Bebas memang kata yang simple tapi luas artinya.
Menghipnotis ketika mendapatkannya namun sakit ketika harus merasakan. Bebas
sulit diartikan karena susah untuk dirasakan. Sedikit saja kebebasan berarti,
maka saat itu pula seribu kesakitan akan dirasakan. Ironis makna sebuah kebebasan
mampu menghilangkan harapan. kebebasan tidak ada yang murni, semua butuh
kebebasan lain untuk membuatnya membebaskannya. Bila ditarik benang merahnya,
kebebasan itu bisa berarti tak ada. Semua sudah diatur dan direncanakan. Semua
telah dikungkung pada sebuah penjara peraturan. Kebebasan bisa dirasakan ketika
kita merasakan melanggar peraturan.
Dan hal
ini membuka mataku bahwa kebebasan justru bersumber dari peraturan yang mengekang
itu sendiri. Ketika aturan yang telah diciptakan si pembuat aturan kita
langgar, disaat itu pula sebersit kebebasan akhirnya dapat dirasakan. Hanya
sebersit tak untuk selamanya. Dan itulah mungkin yang mengelilingi pikiran ku
sedari tadi tentang bagaimana mendapatkan sebuah kebebasan.

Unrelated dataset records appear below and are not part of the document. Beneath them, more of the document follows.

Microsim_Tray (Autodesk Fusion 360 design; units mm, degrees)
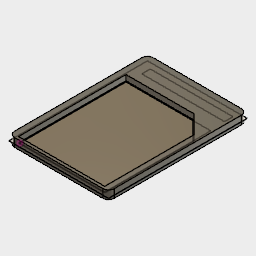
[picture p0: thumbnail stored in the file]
sketch "Sketch1" plane through (0, 0, 0) normal (0, 1, 0) x axis (1, 0, 0)
  line L1 (12, 0) -> (0, 0)
  line L2 (12, 15) -> (12, 12.5)
  line L3 (0, 15) -> (9.5, 15)
  line L4 (0, 0) -> (0, 15)
  line L5 (12, 12.5) -> (9.5, 15)
  line L6 (9.5, 15) -> (12, 15)
  line L7 (12, 12.5) -> (12, 0)
  line L8 (-1.05, -0.51) -> (-1.05, 19.1)
  line L9 (13.05, -0.51) -> (-1.05, -0.51)
  line L10 (13.05, 19.1) -> (13.05, -0.51)
  line L11 (-1.05, 19.1) -> (13.05, 19.1)
  line L12 (11.85, 18.3) -> (0.15, 18.3)
  line L13 (11.85, 17.1) -> (11.85, 18.3)
  line L14 (0.15, 17.1) -> (11.85, 17.1)
  line L15 (0.15, 18.3) -> (0.15, 17.1)
  line L16 (12.1, 12.5414) -> (9.5414, 15.1)
  line L17 (12.1, 12.5414) -> (12.1, -0.1)
  line L18 (12.1, -0.1) -> (-0.1, -0.1)
  line L19 (-0.1, -0.1) -> (-0.1, 15.1)
  line L20 (-0.1, 15.1) -> (9.5414, 15.1)
  point P2 (0, 0)
  point P3 (12, 0)
  point P5 (0, 15)
  point P4 (12, 15)
  point P6 (9.5, 15)
  point P7 (12, 12.5)
  point P17 (0.15, 18.3)
  point P20 (0.15, 17.1)
  dimension "d3" distance P2 P3 = 12
  dimension "d4" distance P2 P5 = 15
  dimension "d5" distance P4 P6 = 2.5
  dimension "d6" distance P4 P7 = 2.5
  dimension "d12" = 0.1
  dimension "d13" distance L9 L18 = 0.41
  dimension "d14" distance L8 L19 = 0.95
  dimension "d15" distance L10 L17 = 0.95
  dimension "d16" distance L11 L20 = 4
  dimension "d22" distance L8 L15 = 1.2
  dimension "d23" distance L10 L13 = 1.2
  dimension "d24" distance L11 L12 = 0.8
  dimension "d25" distance P17 P20 = 1.2
extrude "Extrude1" new body sketch "Sketch1" profile of L1 L2 L3 L4 L5 L6 L7 L8 L9 L10 L11 L16 L17 L18 L19 L20 against normal blind 0.4
extrude "Extrude2" sketch "Sketch1" profile of L2 L6 L8 L9 L10 L11 L16 L17 L18 L19 L20 blind 0.8
fillet "Fillet1" radius 0.8
extrude "Extrude3" sketch "Sketch1" profile of L12 L13 L14 L15 to an object
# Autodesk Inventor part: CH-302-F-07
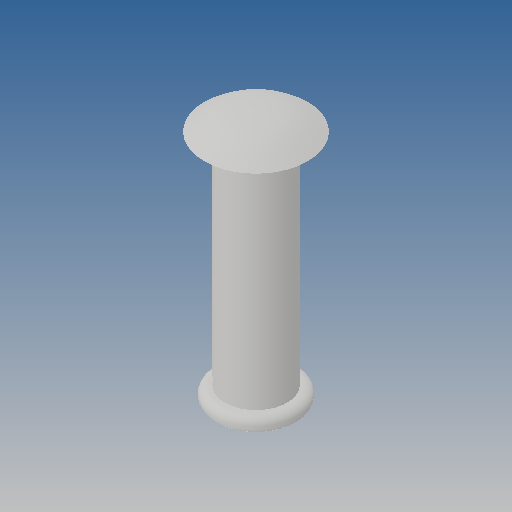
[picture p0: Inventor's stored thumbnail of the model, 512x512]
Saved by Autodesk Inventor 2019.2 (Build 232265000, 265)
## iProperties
Created: 2013-03
Part Number: CH-302-F-07
Material: Ogólny
Document SubType Name: Modeling
Designer: CADENGINEERING4
Density: 1 g/cm^3
Appearance: Domyślna
Author: CADENGINEERING4
Revision Number: ÈÎºÎ
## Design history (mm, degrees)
feature "Ô²½Ç2"
node "Bryła1"
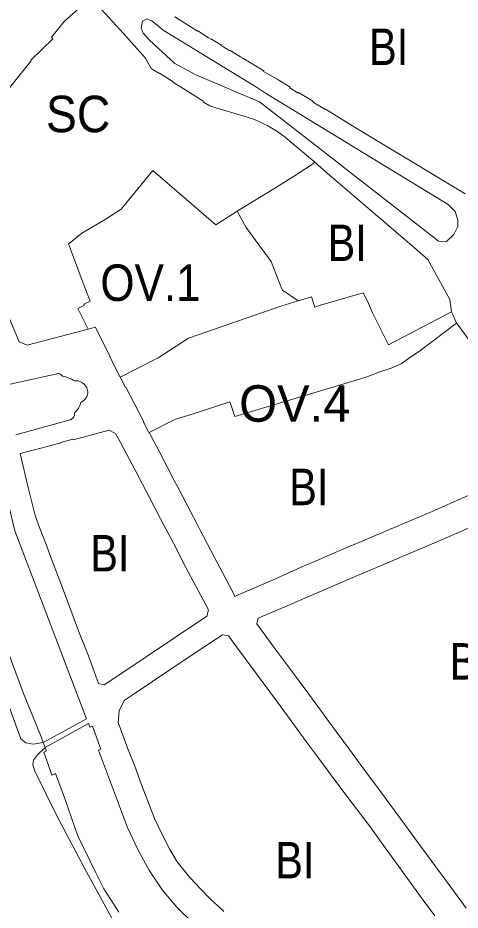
# Model space of a CAD drawing. Extents: x -650451 to -642268, y -1075216 to -1066610.
# Drawn here: x -647183 to -647037.6, y -1071143.1 to -1070849.7 of the extents above; entities that cross this region are included whole.
import ezdxf

# ---------------------------------------------------------------- set-up
doc = ezdxf.new("R2010")
doc.units = 0
doc.header["$LTSCALE"] = 4.8
for name, color, linetype, lineweight in [('1', 7, 'Continuous', 13), ('11', 7, 'Continuous', 13), ('15', 7, 'Continuous', 13), ('17', 7, 'Continuous', 13), ('2', 7, 'Continuous', 13), ('40', 7, 'Continuous', 13), ('45', 7, 'Continuous', 13)]:
    doc.layers.add(name, color=color, linetype=linetype, lineweight=lineweight)
doc.layers.add('62', color=7, linetype='Continuous')

msp = doc.modelspace()

# ---------------------------------------------------------------- linework, layer by layer
at = {"layer": '1'}
for points in [[(-647204.055, -1071005.609), (-647203.96, -1071005.88), (-647199.63, -1071026.94), (-647195.64, -1071044.04), (-647194.61, -1071048.68), (-647192.72, -1071055.27), (-647189.68, -1071065.99), (-647181.99, -1071086.74), (-647180.4, -1071088.08), (-647177.94, -1071088.5), (-647174.64, -1071088.01), (-647174.03, -1071089.6)], [(-647174.03, -1071089.6), (-647176.58, -1071092.03), (-647177.89, -1071093.78), (-647178.11, -1071095.31), (-647177.46, -1071097.42), (-647170.18, -1071112.08), (-647161.13, -1071129.3), (-647146.28, -1071156.35), (-647135.21, -1071176.44), (-647130.1, -1071184.33), (-647129.04, -1071186.06), (-647125.44, -1071192.58), (-647123.7, -1071196.19), (-647106.7, -1071234.45), (-647104.17, -1071235.6)]]:
    msp.add_lwpolyline(points, dxfattribs=at)
at = {"layer": '11'}
for points in [[(-647159.85, -1070952.1), (-647163.28, -1070945.32), (-647161.07, -1070944.22), (-647161.27, -1070943.82), (-647159.26, -1070942.81), (-647161.48, -1070936.91), (-647165.05, -1070927.47), (-647166.38, -1070924.05), (-647165.6, -1070923.42), (-647161.98, -1070920.55), (-647154.33, -1070916.01), (-647148.98, -1070912.65), (-647138.65, -1070899.94), (-647117.95, -1070917.77), (-647110.92, -1070913.23)], [(-647110.92, -1070913.23), (-647107.9, -1070918.58), (-647104.06, -1070923.89), (-647099.76, -1070929.83), (-647096.5, -1070937.98), (-647095.97, -1070939.29), (-647090.82, -1070942.76)], [(-647090.82, -1070942.76), (-647086.45, -1070941.45), (-647085.35, -1070944.79), (-647083.51, -1070944.2), (-647069.41, -1070940.13), (-647068.07, -1070942.91), (-647066.38, -1070946.67), (-647061.16, -1070957.22), (-647040.4, -1070946.32)], [(-647090.82, -1070942.76), (-647096.57, -1070944.49), (-647126.93, -1070955.01), (-647136.81, -1070961.5), (-647149.39, -1070967.8)], [(-647149.39, -1070967.8), (-647136.81, -1070961.5), (-647126.93, -1070955.01), (-647096.57, -1070944.49), (-647090.82, -1070942.76)], [(-647040.4, -1070946.32), (-647039.98, -1070947.27), (-647038.77, -1070950.05)], [(-647038.77, -1070950.05), (-647050.95, -1070959.26), (-647054.07, -1070961.43), (-647056.94, -1070963.42), (-647060.27, -1070964.9), (-647063.97, -1070966.14), (-647067.95, -1070967.65), (-647071.8, -1070968.86), (-647111.62, -1070980.84), (-647112.64, -1070977.86), (-647113.29, -1070975.92), (-647118.98, -1070977.8), (-647122.66, -1070978.98), (-647127.1, -1070980.41), (-647131.11, -1070981.71), (-647139.77, -1070986.03)], [(-647149.39, -1070967.8), (-647152.75, -1070961.18), (-647152.62, -1070961.11), (-647157.5, -1070951.41), (-647157.59, -1070951.46), (-647159.85, -1070952.1)], [(-647139.77, -1070986.03), (-647139.82, -1070985.92), (-647139.98, -1070986.03), (-647141.67, -1070982.64), (-647141.54, -1070982.55), (-647147.47, -1070971.18), (-647147.59, -1070971.24), (-647149.39, -1070967.8)]]:
    msp.add_lwpolyline(points, dxfattribs=at)
at = {"layer": '15'}
for points in [[(-647159.11, -1070843.05), (-647167.65, -1070850.81), (-647171.97, -1070856.04), (-647171.49, -1070856.55), (-647178.72, -1070863.64), (-647178.59, -1070863.81), (-647184.47, -1070871.02), (-647191.27, -1070879.56), (-647198.26, -1070888.32), (-647203.11, -1070894.33), (-647205.72, -1070897.57), (-647206.05, -1070898.36), (-647205.89, -1070899.27), (-647200.92, -1070911.38), (-647195.82, -1070923.93), (-647191.5, -1070934.48), (-647189.1, -1070940.36), (-647187.61, -1070944.13), (-647182.58, -1070956.24), (-647179.88, -1070957.38), (-647159.85, -1070952.1)], [(-647085.4, -1070897.14), (-647095.52, -1070888.57), (-647098.18, -1070886.71), (-647100.79, -1070885.17), (-647105.19, -1070883.09), (-647108.31, -1070882.14), (-647117.94, -1070879.25), (-647119.85, -1070878.57), (-647122, -1070877.41), (-647121.89, -1070877.25), (-647129.57, -1070872.37), (-647132.03, -1070870.82), (-647131.98, -1070870.73), (-647136.41, -1070867.92), (-647136.47, -1070868), (-647139.02, -1070866.44), (-647141.09, -1070862.83), (-647148.3, -1070854.79), (-647157.95, -1070844.35)], [(-647131.43, -1070849.34), (-647123.88, -1070854.09), (-647123.82, -1070853.99), (-647120.31, -1070856.28), (-647119.59, -1070856.68), (-647119.55, -1070856.6), (-647116.09, -1070858.66), (-647116.16, -1070858.77), (-647113.25, -1070860.52), (-647113.19, -1070860.43), (-647109.74, -1070862.55), (-647109.06, -1070862.97), (-647102.16, -1070867.16), (-647102.27, -1070867.33), (-647097.73, -1070869.9), (-647093.48, -1070872.53), (-647093.57, -1070872.69), (-647090.78, -1070874.43), (-647090.69, -1070874.28), (-647086.39, -1070876.9), (-647085.74, -1070877.4), (-647085.79, -1070877.49), (-647081.89, -1070879.84), (-647081.84, -1070879.77), (-647081.35, -1070880.06), (-647074.06, -1070884.49), (-647063.75, -1070890.75), (-647052.83, -1070897.35), (-647035.98, -1070907.53)], [(-647040.4, -1070946.32), (-647041.01, -1070942.31), (-647048.23, -1070929.16), (-647052.6, -1070925.35), (-647055.69, -1070922.66), (-647062.48, -1070916.84), (-647062.93, -1070916.46), (-647063.93, -1070915.6), (-647069.27, -1070911.03), (-647078.43, -1070903.2), (-647080.53, -1070901.41), (-647085.4, -1070897.14)], [(-647174.64, -1071088.01), (-647160.4, -1071080.2), (-647184, -1071018.37), (-647190.24, -1070992.73), (-647199.63, -1070950.26), (-647202.86, -1070940.4), (-647204.22, -1070937.43), (-647205.57, -1070934.86), (-647207.86, -1070930.75), (-647207.09, -1070930.4), (-647209.82, -1070924.75), (-647210.86, -1070925.29), (-647215.03, -1070918.17), (-647220.39, -1070910.9), (-647230.25, -1070922.01)], [(-647038.77, -1070950.05), (-647039.98, -1070947.27), (-647040.4, -1070946.32)], [(-647034.09, -1070956.5), (-647038.19, -1070950.73), (-647038.77, -1070950.05)], [(-647159.85, -1070952.1), (-647157.59, -1070951.46), (-647157.5, -1070951.41), (-647152.62, -1070961.11), (-647152.75, -1070961.18), (-647149.39, -1070967.8)], [(-647183.62, -1070986.82), (-647165.84, -1070981.83), (-647165.677, -1070981.79), (-647165.513, -1070981.734), (-647165.35, -1070981.66), (-647165.191, -1070981.569), (-647165.04, -1070981.459), (-647164.897, -1070981.333), (-647164.768, -1070981.19), (-647164.653, -1070981.035), (-647164.555, -1070980.868), (-647164.475, -1070980.692), (-647164.415, -1070980.512), (-647164.374, -1070980.329), (-647164.353, -1070980.147), (-647164.349, -1070979.968), (-647164.362, -1070979.795), (-647164.39, -1070979.63), (-647164.023, -1070979.279), (-647163.679, -1070978.898), (-647163.364, -1070978.49), (-647163.079, -1070978.058), (-647162.828, -1070977.607), (-647162.612, -1070977.138), (-647162.432, -1070976.658), (-647162.29, -1070976.17), (-647162.006, -1070976), (-647161.732, -1070975.812), (-647161.468, -1070975.606), (-647161.218, -1070975.384), (-647160.981, -1070975.147), (-647160.761, -1070974.896), (-647160.556, -1070974.633), (-647160.37, -1070974.36), (-647160.201, -1070973.97), (-647160.079, -1070973.551), (-647160.012, -1070973.112), (-647160.004, -1070972.664), (-647160.055, -1070972.219), (-647160.163, -1070971.788), (-647160.324, -1070971.382), (-647160.53, -1070971.01), (-647160.674, -1070970.78), (-647160.837, -1070970.558), (-647161.018, -1070970.343), (-647161.216, -1070970.14), (-647161.431, -1070969.949), (-647161.66, -1070969.773), (-647161.903, -1070969.613), (-647162.158, -1070969.471), (-647162.423, -1070969.349), (-647162.695, -1070969.246), (-647162.972, -1070969.164), (-647163.253, -1070969.103), (-647163.534, -1070969.062), (-647163.813, -1070969.042), (-647164.089, -1070969.042), (-647164.36, -1070969.06), (-647164.82, -1070968.802), (-647165.29, -1070968.561), (-647165.77, -1070968.339), (-647166.259, -1070968.136), (-647166.756, -1070967.952), (-647167.259, -1070967.788), (-647167.768, -1070967.644), (-647168.28, -1070967.52), (-647168.478, -1070967.276), (-647168.724, -1070967.059), (-647169.013, -1070966.883), (-647169.332, -1070966.757), (-647169.669, -1070966.69), (-647170.007, -1070966.683), (-647170.332, -1070966.732), (-647170.63, -1070966.83), (-647187.45, -1070970.63)], [(-647149.39, -1070967.8), (-647147.59, -1070971.24), (-647147.47, -1070971.18), (-647141.54, -1070982.55), (-647141.67, -1070982.64), (-647139.98, -1070986.03), (-647139.82, -1070985.92), (-647139.77, -1070986.03)], [(-647139.77, -1070986.03), (-647136.42, -1070992.4), (-647131.57, -1071001.79), (-647130.42, -1071003.99), (-647126.2, -1071012.05), (-647124.16, -1071016), (-647123.01, -1071018.21), (-647118.46, -1071026.92), (-647115.64, -1071032.28), (-647112.2, -1071038.81), (-647111.69, -1071039.93), (-647111.46, -1071039.83), (-647110.53, -1071039.41), (-647098.25, -1071034.12), (-647098.03, -1071034.02), (-647088.61, -1071029.83), (-647084.94, -1071028.2), (-647077.91, -1071025.19), (-647066.72, -1071020.44), (-647062.38, -1071018.6), (-647057.91, -1071016.75), (-647046.73, -1071012.03), (-647039.7, -1071008.85), (-647030.09, -1071004.71)], [(-647034.05, -1071017.19), (-647042.97, -1071021.07), (-647049.89, -1071023.99), (-647056.91, -1071026.94), (-647063.71, -1071029.85), (-647072.13, -1071033.43), (-647080, -1071036.81), (-647087.87, -1071040.16), (-647093.7, -1071042.7), (-647103.94, -1071047.15), (-647104.42, -1071049.02), (-647098.81, -1071056.61), (-647094.28, -1071062.75), (-647086.95, -1071072.55), (-647080.49, -1071081.41), (-647074, -1071090.26), (-647069.57, -1071096.31), (-647063.44, -1071104.55), (-647057.61, -1071112.44), (-647051.99, -1071120.09), (-647040.61, -1071135.59), (-647035.55, -1071142.45)], [(-647045.94, -1071145.04), (-647049.72, -1071139.82), (-647052.02, -1071136.62), (-647057.7, -1071128.79), (-647061.95, -1071123.11), (-647067.4, -1071115.37), (-647073.12, -1071107.95), (-647078.46, -1071100.83), (-647083.72, -1071093.74), (-647087.31, -1071088.82), (-647090.86, -1071084.05), (-647094.36, -1071079.2), (-647097.98, -1071074.28), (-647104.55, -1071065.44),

Burung yang tadi seolah bebas pun sebenarnya
ternyata tak bebas. Burung gereja kecolatan ini harus berhati-hati ketika
terbang mengingat burung besar diatasnya kapan saja bisa menerkam. Dan satu hal
juga yang harus diingat bahwa burung itu hanya bisa melihat dari atas tanpa
merasakan dari bawah. Mereka sekedar melihat, melihat sebuah kebebasan dari
udara, tanpa harus merasakannya dari bawah. Burung bisa kapan saja akan jatuh kebawah
dan merasakan sakit yang luar biasa. Tapi manusia bisa saja merasakan sakit
yang luar biasa dibawah tapi begitu terbang sangat merasakan kebebasan sejati
walaupun hanya sekejap. That’s why, just
from bird eyes view, I can felt so free.